══ Records for the task

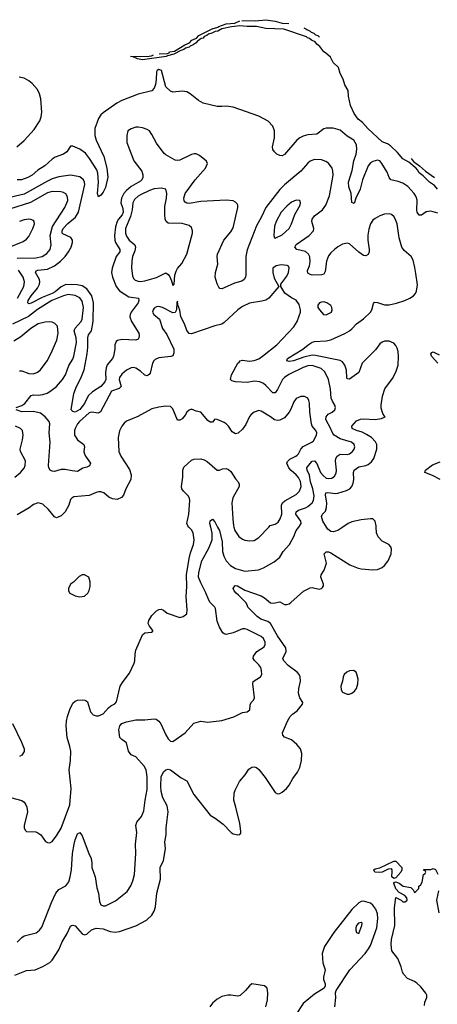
# Model space of a CAD drawing. Header units: inches. Extents: x 1473912 to 1647258, y 640388 to 773423.
# Tile 303 of 420: x 1516592 to 1520185, y 755892 to 764367. Entities that reach past the tile are written whole.
import ezdxf

# ---------------------------------------------------------------- set-up
doc = ezdxf.new("R2010")
doc.units = ezdxf.units.IN
doc.header["$MEASUREMENT"] = 0
for name, color, linetype in [('B5715', 7, 'Continuous'), ('B5716', 7, 'Continuous'), ('B5725', 7, 'Continuous'), ('B5726', 7, 'Continuous')]:
    doc.layers.add(name, color=color, linetype=linetype)

msp = doc.modelspace()

# ---------------------------------------------------------------- linework, layer by layer
at = {"layer": 'B5715', "color": 5}
for points, elevation in [([(1516513.3, 757673.3), (1516610, 757647.2), (1516631.2, 757631.2), (1516645.7, 757610), (1516653.1, 757590), (1516657.7, 757550), (1516630.4, 757430.4), (1516630.5, 757410.5), (1516638.8, 757390), (1516650, 757380.7), (1516730, 757375.5), (1516748.3, 757368.3), (1516772.5, 757352.5), (1516814.8, 757294.8), (1516830, 757284.7), (1516850, 757281), (1516870, 757294.8), (1516910, 757342.8), (1516950, 757407.3), (1517024.6, 757610), (1517034.5, 757750), (1517018.5, 757910), (1517029.1, 757990), (1517030.6, 758070), (1517023.7, 758110), (1516999.8, 758190), (1516991.6, 758290), (1516993.5, 758330), (1517002, 758370), (1517024.1, 758430), (1517050, 758483), (1517070, 758502), (1517090, 758510.3), (1517130, 758514.4), (1517152, 758510), (1517165.2, 758505.2), (1517174.9, 758494.9), (1517202, 758410), (1517223.4, 758383.4), (1517250, 758374), (1517270, 758374), (1517310, 758394), (1517355.4, 758444.6), (1517377.2, 758462.8), (1517410, 758478.8), (1517423.6, 758496.4), (1517456.9, 758630), (1517481.6, 758670), (1517537.8, 758742.2), (1517576.4, 758830), (1517582.3, 758850), (1517584.1, 758910), (1517590, 758940.7), (1517647.7, 759072.3), (1517670, 759090.2), (1517725.8, 759094.2), (1517736.6, 759103.4), (1517738, 759110), (1517707.7, 759147.7), (1517697.6, 759170), (1517703, 759197), (1517730, 759238), (1517770, 759278), (1517790, 759290.4), (1517810, 759293), (1517830, 759284), (1517860.3, 759260.3), (1517970, 759222.8), (1517998, 759230), (1518030, 759254), (1518032.9, 759287.1), (1518023, 759403), (1518031.5, 759488.5), (1518026.5, 759590), (1518050.9, 759730), (1518062.5, 759777.5), (1518088.9, 759850), (1518094.2, 759890), (1518085.4, 759950), (1518070, 759975.1), (1518046.7, 760000)], 760), ([(1516550, 756142), (1516650, 756183.6), (1516724, 756190), (1516790, 756218.9), (1516850, 756251.8), (1516870, 756272.4), (1516930, 756360.4), (1516958.2, 756430), (1516999.3, 756500.7), (1517030, 756566), (1517038, 756570), (1517050, 756574.8), (1517070, 756567.3), (1517130, 756499.1), (1517150, 756490.4), (1517170, 756494.9), (1517210, 756532), (1517250, 756547.4), (1517310, 756540.7), (1517370, 756518.7), (1517412.1, 756512.1), (1517450, 756519.5), (1517590, 756568.1), (1517682.9, 756617.1), (1517730, 756660.3), (1517750, 756694.9), (1517760.7, 756730), (1517772.2, 756850), (1517804, 756970), (1517799.4, 757070), (1517829.8, 757130), (1517846, 757230), (1517839.8, 757290), (1517852.8, 757350), (1517851.3, 757410), (1517870.5, 757550.5), (1517859.6, 757599.6), (1517822.2, 757670), (1517810, 757724), (1517807, 757770), (1517810, 757850.8), (1517830, 757893.4), (1517848.5, 757911.5), (1517870, 757915.6), (1517890, 757911.3), (1517982, 757842), (1518030, 757815.5), (1518090, 757698), (1518230, 757520.7), (1518275.2, 757495.2), (1518342, 757442), (1518411, 757370), (1518430, 757359.1), (1518469.2, 757350.8), (1518485.2, 757354.8), (1518495.5, 757364.5), (1518496, 757384), (1518485.6, 757450), (1518452.8, 757590), (1518433.6, 757650), (1518437.6, 757710), (1518445.1, 757734.9), (1518482, 757810), (1518531.4, 757868.6), (1518563.5, 757916.5), (1518590, 757934.8), (1518610, 757937.3), (1518630, 757930.7), (1518650, 757913.4), (1518704.2, 757844.2), (1518790, 757714.9), (1518810, 757704.4), (1518830, 757707.2), (1518850, 757718.3), (1518887.3, 757750), (1518910, 757777.4), (1518942.6, 757837.4), (1518982.7, 757890), (1519002, 757930), (1519018.2, 757990), (1519018.7, 758050), (1519006.9, 758090), (1518976.9, 758130), (1518930, 758167.6), (1518870, 758192.7), (1518855.1, 758210), (1518854.5, 758230), (1518895.1, 758330), (1518919.3, 758370), (1518939, 758390), (1518980.9, 758419.1), (1519024.1, 758475.9), (1519027, 758490), (1519003.5, 758530), (1518991.8, 758570), (1518994.5, 758610), (1519007, 758673), (1519006.6, 758710), (1518997.4, 758730), (1518978.3, 758750), (1518902.3, 758810), (1518864, 758850), (1518856.4, 758870), (1518886, 758930), (1518881.6, 758961.6), (1518810, 759064), (1518749.9, 759169.9), (1518726.4, 759186.4), (1518667.1, 759207.1), (1518634.5, 759230), (1518555.1, 759310), (1518549.6, 759330), (1518536.9, 759350), (1518474.9, 759414.9), (1518454.7, 759430), (1518438, 759450), (1518429.7, 759470), (1518444.5, 759495.5), (1518450, 759498), (1518466.7, 759493.3), (1518530, 759458.2), (1518670, 759408), (1518699.5, 759390), (1518750, 759348.1), (1518776.2, 759343.8), (1518830, 759358), (1518870, 759334), (1518890, 759333.4), (1518910, 759339.1), (1518925.2, 759350), (1519032.9, 759447.1), (1519090, 759478), (1519110, 759480.5), (1519170, 759464.9), (1519189.4, 759470.6), (1519198.9, 759481.1), (1519206.3, 759493.7), (1519207, 759510), (1519182.9, 759570), (1519186.6, 759590), (1519211.6, 759630), (1519231.5, 759688.5), (1519212.7, 759770), (1519230, 759787.3), (1519250, 759788), (1519270, 759778.4), (1519433.9, 759673.9), (1519505.5, 759645.5), (1519530, 759640.2), (1519630, 759631.6), (1519670, 759634.9), (1519710, 759652.2), (1519731.5, 759670), (1519762.4, 759710), (1519789.5, 759770), (1519792.3, 759810), (1519786, 759830), (1519769.2, 759850), (1519710, 759879.7), (1519676.3, 759916.3), (1519661.3, 759950), (1519659.3, 760000)], 720), ([(1516570, 756428.5), (1516610, 756468), (1516630, 756481.6), (1516732.7, 756507.3), (1516762, 756530), (1516782.5, 756557.5), (1516865.3, 756770), (1516904.2, 756850), (1516930, 756881.1), (1516990, 756913.4), (1517013.6, 756946.4), (1517026.9, 756990), (1517037, 757050), (1517046.4, 757190), (1517061.5, 757270), (1517070, 757306.8), (1517090, 757358.8), (1517110, 757371), (1517130, 757342.8), (1517185.7, 757190), (1517207.7, 757147.7), (1517213.7, 757110), (1517212.7, 757070), (1517241.7, 756990), (1517255.9, 756895.9), (1517270.2, 756850), (1517277.8, 756777.8), (1517290, 756748.8), (1517310, 756739), (1517330, 756740.8), (1517415.7, 756784.3), (1517517, 756863), (1517548, 756912), (1517565.8, 756954.2), (1517580.3, 757010), (1517592.4, 757190), (1517588.4, 757270), (1517601.1, 757370), (1517591, 757430), (1517600.9, 757459.1), (1517638.9, 757510), (1517661.4, 757558.6), (1517672, 757650), (1517690, 757742), (1517689.8, 757849.8), (1517679.7, 757910), (1517663.1, 757943.1), (1517590, 758022.6), (1517550, 758038.7), (1517529, 758070), (1517510, 758143.6), (1517470.8, 758170.8), (1517453, 758190), (1517444.5, 758255.5), (1517453.7, 758290), (1517470, 758308.8), (1517510, 758324.5), (1517590, 758342.3), (1517670, 758340.9), (1517750, 758350.5), (1517766.2, 758346.2), (1517790, 758330.7), (1517807.4, 758307.4), (1517850, 758210.7), (1517870, 758176), (1517890, 758156), (1517910, 758154.8), (1518017.2, 758230), (1518090, 758313.4), (1518150, 758330.4), (1518210, 758321.6), (1518330, 758336.5), (1518433.9, 758366.1), (1518510, 758403.8), (1518550, 758410.4), (1518572.9, 758427.1), (1518574.2, 758470), (1518584.4, 758490), (1518603.5, 758510), (1518611.1, 758530), (1518598.4, 758650), (1518602, 758670), (1518662.9, 758710), (1518674.7, 758730), (1518673.9, 758766.1), (1518666.2, 758790), (1518650, 758815.1), (1518611.5, 758851.5), (1518601.5, 758870), (1518603.5, 758890), (1518632.1, 758927.9), (1518695.4, 758970), (1518704.8, 758990), (1518702.8, 759010), (1518690, 759039.7), (1518670, 759059.2), (1518550, 759119.8), (1518530, 759124.8), (1518510, 759123.1), (1518430, 759089.8), (1518370, 759076), (1518350, 759081.7), (1518341.1, 759090), (1518310, 759138.4), (1518289.9, 759189.9), (1518277.9, 759297.9), (1518270.9, 759310.9), (1518230.4, 759350.4), (1518218.6, 759370), (1518195, 759435), (1518150, 759521.1), (1518131.8, 759570), (1518132.6, 759610), (1518159, 759710), (1518220.3, 759819.7), (1518248.5, 759890), (1518247.3, 759947.3), (1518235.4, 760000)], 740), ([(1518294.8, 760000), (1518310, 759971.7), (1518333.8, 759873.8), (1518338.4, 759790), (1518347.5, 759750), (1518370, 759709), (1518404.7, 759670), (1518450, 759642.7), (1518530, 759620.2), (1518646.7, 759633.3), (1518690, 759650.3), (1518780.5, 759699.5), (1518830, 759740.4), (1518859.6, 759790), (1518914.3, 759850), (1518950, 759918), (1518970.8, 759970), (1518992.5, 760000)], 740), ([(1518434.7, 760000), (1518442.6, 759970), (1518478.6, 759918.6), (1518510, 759895.8), (1518530, 759886.7), (1518570, 759880.3), (1518610, 759885.3), (1518650.8, 759909.2), (1518735.9, 760000)], 760), ([(1519373.5, 760000), (1519330, 759971.8), (1519290, 759959.7), (1519270, 759962), (1519243.1, 759983.1), (1519232.3, 760000)], 720), ([(1516530.3, 758310), (1516608.4, 758150), (1516630.4, 758090), (1516630.4, 758069.6), (1516610, 758037.2), (1516590, 758026)], 760), ([(1520000, 756081.1), (1519988.7, 756090), (1519930, 756115.1), (1519897, 756150), (1519886.6, 756170), (1519875.9, 756215.9), (1519845.6, 756285.6), (1519793.8, 756353.8), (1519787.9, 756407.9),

════

Instructions to follow: Return a copy of each line in the entries that carries the string "name".

Result:
for name, color, linetype in [('B5715', 7, 'Continuous'), ('B5716', 7, 'Continuous'), ('B5725', 7, 'Continuous'), ('B5726', 7, 'Continuous')]:
    doc.layers.add(name, color=color, linetype=linetype)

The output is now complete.